SIPP Programs

The programs were developed in Stata version 8/9 and will run on Windows, Linux, Unix, and Mac machines.

These programs are the major source for information on our extract. The Stata code show the changes we have made to the original raw SIPP variables in order to create our extract.


Unfortunately, the two researchers who created the SIPP extracts for CEPR no longer work here, and none of us who work here have experience with the SIPP. So, for the time being, we will not be updating our SIPP extracts, and are unable to field questions about the SIPP. Please visit the SIPP page at the National Bureau of Economic Research to find extraction programs and further information on the SIPP. The SIPP page at the Census Bureau should also be useful.


One of the clear advantages of the CEPR SIPP Uniform Extracts is that researchers have to spend less time focusing on the way that Census prepares the data, and can spend more time on their analysis. However, there are a number of issues that researchers must be clear on before they begin to use the SIPP. An excellent resource is the Census Bureau’s SIPP User Guide, which provides details on the SIPP.

Data Structure

The SIPP is structured such that one fourth of the sample is interviewed every month and each four-month interval in which all sample members are interviewed is termed a *wave*. Each wave includes four months of data for each respondent, although not all questions are asked by month, some are only asked “once per wave.” During each wave, respondents are asked a set of core questions, which cover labor market participation, wages, and participation in income support programs, and questions from topical modules that change each wave. The first topical module, for example, includes employment and welfare history, asks questions that allow identification of a history of welfare use, as well as labor market experience prior to the panel. Other modules focus on childcare, assets, training history, etc. You can see a full list of topical module topics and which wave they were asked in at the Census. Typically, topical module questions are asked once per wave, that is the child care usage applies to the time of the inteview, not each month during the wave.

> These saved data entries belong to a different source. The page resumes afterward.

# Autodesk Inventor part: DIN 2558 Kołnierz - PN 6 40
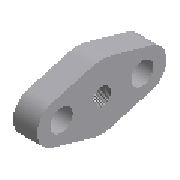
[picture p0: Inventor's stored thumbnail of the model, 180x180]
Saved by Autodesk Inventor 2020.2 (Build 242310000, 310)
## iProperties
Manager: www.cadconsulting.pl
Company: Fabian Stasiak CAD Consulting
IsCustomPart: 0
NAME: PIPING: DIN 2558 Flange - PN 6
DATA: <meta><inlinegroups number="1" deflen="1.2"></inlinegroups><connections number="2"></connections><angles><a>3.14159265358979</a></angles></meta>
Created: 2014-02
Part Number: DIN 2558 Kołnierz - PN 6 40
Material: Stal
Description: Kołnierz
Document SubType Name: Modeling
Standard: DIN 2558
Designer: F.Stasiak
Standards Organization: DIN
Language: pl-PL
Size Designation: 40
Categories: <MemberInstance><Categories><Category DisplayName="Rury cienko- i grubościenne" InternalName="4347fa0f-2144-441d-94cd-e3e15c92b736" Mnemonic="TUBEANDPIPE"><Cate
Density: 1 g/cm^3
Appearance: Płyta
Catalog Web Link: www.expertbooks.pl
Author: F.Stasiak
Subject: Zbiór ćwiczeń. Autodesk Inventor 2020. Kurs Professional
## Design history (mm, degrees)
sketch "Sketch1"
  geometry: L1 (0, 0)-(0, 66); L2 (0, 0)-(0, -66); L3 (-20.899, 54.72)-(-39.708, 26.067); L4 (20.899, 54.72)-(39.708, 26.067); L5 (-20.899, -54.72)-(-39.708, -26.067); L6 (20.899, -54.72)-(39.708, -26.067); L7 (0, 0)-(47.5, 0); L8 (0, 0)-(-47.5, 0); C1 r 22.422 at (0, 0); C2 r 5.5 at (0, 50); C3 r 5.5 at (0, -50); A1 r 25 centre (0, 41) between (20.899, 54.72) and (-20.899, 54.72); A2 r 25 centre (0, -41) between (-20.899, -54.72) and (20.899, -54.72); A3 r 47.5 centre (0, 0) between (39.708, -26.067) and (39.708, 26.067); A4 r 47.5 centre (0, 0) between (-39.708, 26.067) and (-39.708, -26.067); 1 further point
  constraints: 16 end point, 12 point on circle, 8 tangent, 7 centre point, 4 point on line, 2 collinear, 1 coincident, 1 perpendicular, 1 vertical
  dimensions: "d0" = 44.845 diameter of C1 (= MD); "d1" = 11 diameter of C2 (= d2); "d3" = 11 diameter of C3 (= d2); "d4" = 66 vertical distance of L7.end L1.end (= 0.5 x A); "d5" = 66 vertical distance of L2.end L7.end (= 0.5 x A); "d6" = 50 vertical distance of L7.end C2.centre (= 0.5 x k); "d7" = 50 vertical distance of C3.centre L7.end (= 0.5 x k); "d8" = 25 radius of A1 (= r); "d9" = 25 radius of A2 (= r); "d10" = 47.5 radius of A4 (= R); "d11" = 47.5 radius of A3 (= R)
extrude "Extrusion1" new body sketch "Sketch1" distance "d12" = 16 (= b); taper "d13" = 0 deg
workaxis "Work Axis4"
workpoint "Work Point5"
workaxis "Work Axis5"
workpoint "Work Point6"
workpoint "Work Point7"
body "Solid1"
feature "Gwint1" dims "d17" = 10, "d18" = 0
other parameters: "A" = 132 [user parameter; used in 2 equation terms], "R" = 47.5 [user parameter; used in 2 equation terms], "r" = 25 [user parameter; used in 2 equation terms], "d2" = 11 [user parameter; used in 2 equation terms], "b" = 16 [user parameter; used in 1 equation term], "MD" = 44.845 [user parameter; used in 1 equation term]
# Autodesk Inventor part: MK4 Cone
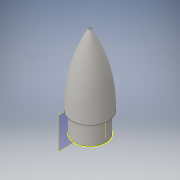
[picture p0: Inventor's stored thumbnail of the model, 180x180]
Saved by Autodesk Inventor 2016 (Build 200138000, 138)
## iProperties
Created: 2015-09
Part Number: MK4 Cone
Material: Generic
Document SubType Name: Modeling
Designer: lwilliams6899
Density: 1 g/cm^3
Appearance: Default
Author: lwilliams6899
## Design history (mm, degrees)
sketch "Sketch1"
  geometry: C1 r 11.049 at (0, 0); 1 further point
  constraints: 1 centre point, 1 coincident
  dimensions: "d0" = 22.098 diameter of C1
extrude "Extrusion1" new body sketch "Sketch1" distance "d1" = 13.97; taper "d2" = 0 deg
sketch "Sketch2"
  geometry: L1 (0, 0)-(-2.841, 0); L2 (0, 0)-(0, -2.273)
  constraints: 4 end point, 1 horizontal, 1 vertical
workplane "Work Plane1"
sketch "Sketch3"
  geometry: L1 (11.049, 0)-(-11.049, 0) reference; L2 (-11.049, -13.97)-(11.049, -13.97) reference; L3 (11.049, 0)-(-11.049, 0) reference; L4 (11.049, 0)-(-11.049, 0) reference; L5 (0, 0)-(-12.7, 0); L6 (0, 0)-(0, 50.8); A1 r 94.865 centre (82.108, 3.285) between (-1.002, 49.024) and (-12.7, 0); A2 r 1.569 centre (0, 47.929) between (0, 49.498) and (-0.624, 49.368); A3 r 0.791 centre (-0.31, 48.643) between (-0.624, 49.368) and (-1.002, 49.024); 1 further point
  constraints: 6 point on circle, 4 end point, 3 centre point, 3 point on line, 2 tangent, 1 midpoint, 1 perpendicular
  dimensions: "d3" = 12.7 distance of L5.start L5.end; "d4" = 50.8 distance of L5.start L6.end
revolve "Revolution1" sketch "Sketch3" stored, may be unused: angle "d5" = 90 deg
sketch "Sketch4"
  geometry: L1 (0, 0)-(-9.525, 0); L2 (-9.525, 0)-(-9.525, -2.54); L3 (-9.525, -2.54)-(-6.985, -2.54); L4 (-6.985, -2.54)-(-6.985, 2.54); L5 (-6.985, 2.54)-(-9.525, 2.54); L6 (-9.525, 2.54)-(-9.525, 0)
  constraints: 12 end point, 3 perpendicular, 1 collinear, 1 horizontal, 1 point on line, 1 vertical
  dimensions: "d6" = 9.525 distance of L1.start L1.end; "d7" = 2.54 distance of L1.end L2.end; "d8" = 2.54 distance of L2.end L3.end; "d9" = 5.08 distance of L3.end L4.end
extrude "Extrusion2" cut sketch "Sketch4" distance "d10" = 5.08; taper "d11" = 0 deg
sketch "Sketch5"
  geometry: L1 (-6.985, -2.54)-(-9.525, -2.54) reference; L2 (-9.525, -2.54)-(-9.525, 2.54) reference; L3 (-9.525, 2.54)-(-6.985, 2.54) reference; L4 (-6.985, 2.54)-(-6.985, -2.54) reference; L5 (-10.343, 0)-(-11.049, 0); L6 (-11.049, -2.215)-(-11.049, 0); 3 further points
  constraints: 4 end point, 1 perpendicular, 6 other
  node "Projected Loop3"
workplane "Work Plane2"
sketch "Sketch6"
  geometry: L1 (0, 2.54)-(0, -2.54) reference; L2 (0, 2.54)-(-5.08, 2.54) reference; L3 (-5.08, 2.54)-(-5.08, -2.54) reference; L4 (0, -2.54)-(-5.08, -2.54) reference; L5 (-5.08, -2.54)-(-5.08, 2.54) reference; L6 (-5.08, -2.54)-(-5.08, 2.54); L7 (-5.08, 2.54)-(-2.54, 2.54); L8 (0, 2.54)-(-5.08, 2.54) reference; L9 (-2.54, 2.54)-(-2.54, -2.54); L10 (0, -2.54)-(-5.08, -2.54) reference; L11 (-5.08, -2.54)-(-2.54, -2.54); 1 further point
  constraints: 8 end point, 2 collinear, 2 midpoint
  dimensions: "d12" = 2.54 distance of L2.end L7.end (derived)
extrude "Extrusion3" cut sketch "Sketch6" stored distance "d13" = 5.08; taper "d14" = 0 deg
sketch "Sketch7"
  geometry: L1 (-6.985, 2.54)-(-6.985, -2.54) reference; L2 (-9.525, 2.54)-(-6.985, 2.54) reference; L3 (-9.525, -2.54)-(-9.525, 2.54) reference; L4 (-6.985, -2.54)-(-9.525, -2.54) reference; L5 (-6.215, -2.54)-(-6.215, 2.54); 1 further point
  constraints: 2 end point, 1 vertical
revolve "Revolution2" sketch "Sketch7" stored, may be unused: angle "d15" = 90 deg
thicken "Thicken1" dims "d16" = 0.254, "d17" = 0.254
sketch "Sketch8"
  geometry: 2 further points
body "Solid1"
node "Projected Loop1"
node "Projected Loop2"
node "Projected Loop4"

For each panel, Census typically releases three kinds of data: a Core and a Topical file for each wave, and a Longitudinal file for the entire panel or a series of Logitudinal files by wave. The typical researcher will need variables from all three panels, requiring intensive learning about the structure of each and how to merge variables. For the pre-1996 panels, Census provided longitudinal files that cleaned some of the core files, but not all, for longitudinal consistency. For example, they made sure that a respondent’s age did not jump around, but was consistent across the panel. However, this means that a researcher can find an age variable in both the longitudinal and the core data. The CEPR SIPP Uniform Extracts always use the longitudinal variable, if available.

The CEPR SIPP Uniform Data Extracts pull variables from the SIPP Core, Topical, and Longitudinal files. The data is converted into “person-month” format (one observation per person per month in the panel) for ease of programming. A researcher who wants to convert the data back to longitudinal structure (one observation per person) can easily do so with the Stata “reshape” command. We when we pull variables from the SIPP files we also create a unique identification variable for each SIPP respondent, as outlined in Census’s technical documetation for the SIPP.

Generating Your Own Data

You can always download our CEPR SIPP Uniform Extracts for free. To generate your own CEPR SIPP Uniform Extracts from scratch, proceed in two stages: extract the necessary variables from the Census SIPP files, then use our Stata programs to recode.


CEPR provides a set of extraction programs to facilitate the importation of the data from the raw files (ASCII) into Stata format. Raw SIPP data can be downloaded either from the National Bureau of Economic Research or the Census Bureau. Researchers can then run CEPR’s extraction programs for the panel that they are working with. These are based on the programs generated by the National Bureau of Economic Research, however, we made a number of important changes. First, we reshape all files into person-month format, including the longitudinal files. Second, we generate the unique ID variables (from the sample unit identifier, entry id, and person number). This way, once the data is in Stata, it is very easy to merge Core and Topical module waves together, or to merge a number of waves to form a panel.


After extracting the raw SIPP data, the researcher runs CEPR’s Stata programs that recode SIPP variables to generate files with uniform variables across SIPP panels. CEPR’s technical documentation is in the associated codebooks and is also annotated within the programs themselves. Each Uniform Extract has user notes that explain the variables and compare them to other data sources, so that the researcher has a clear sense of potential problems.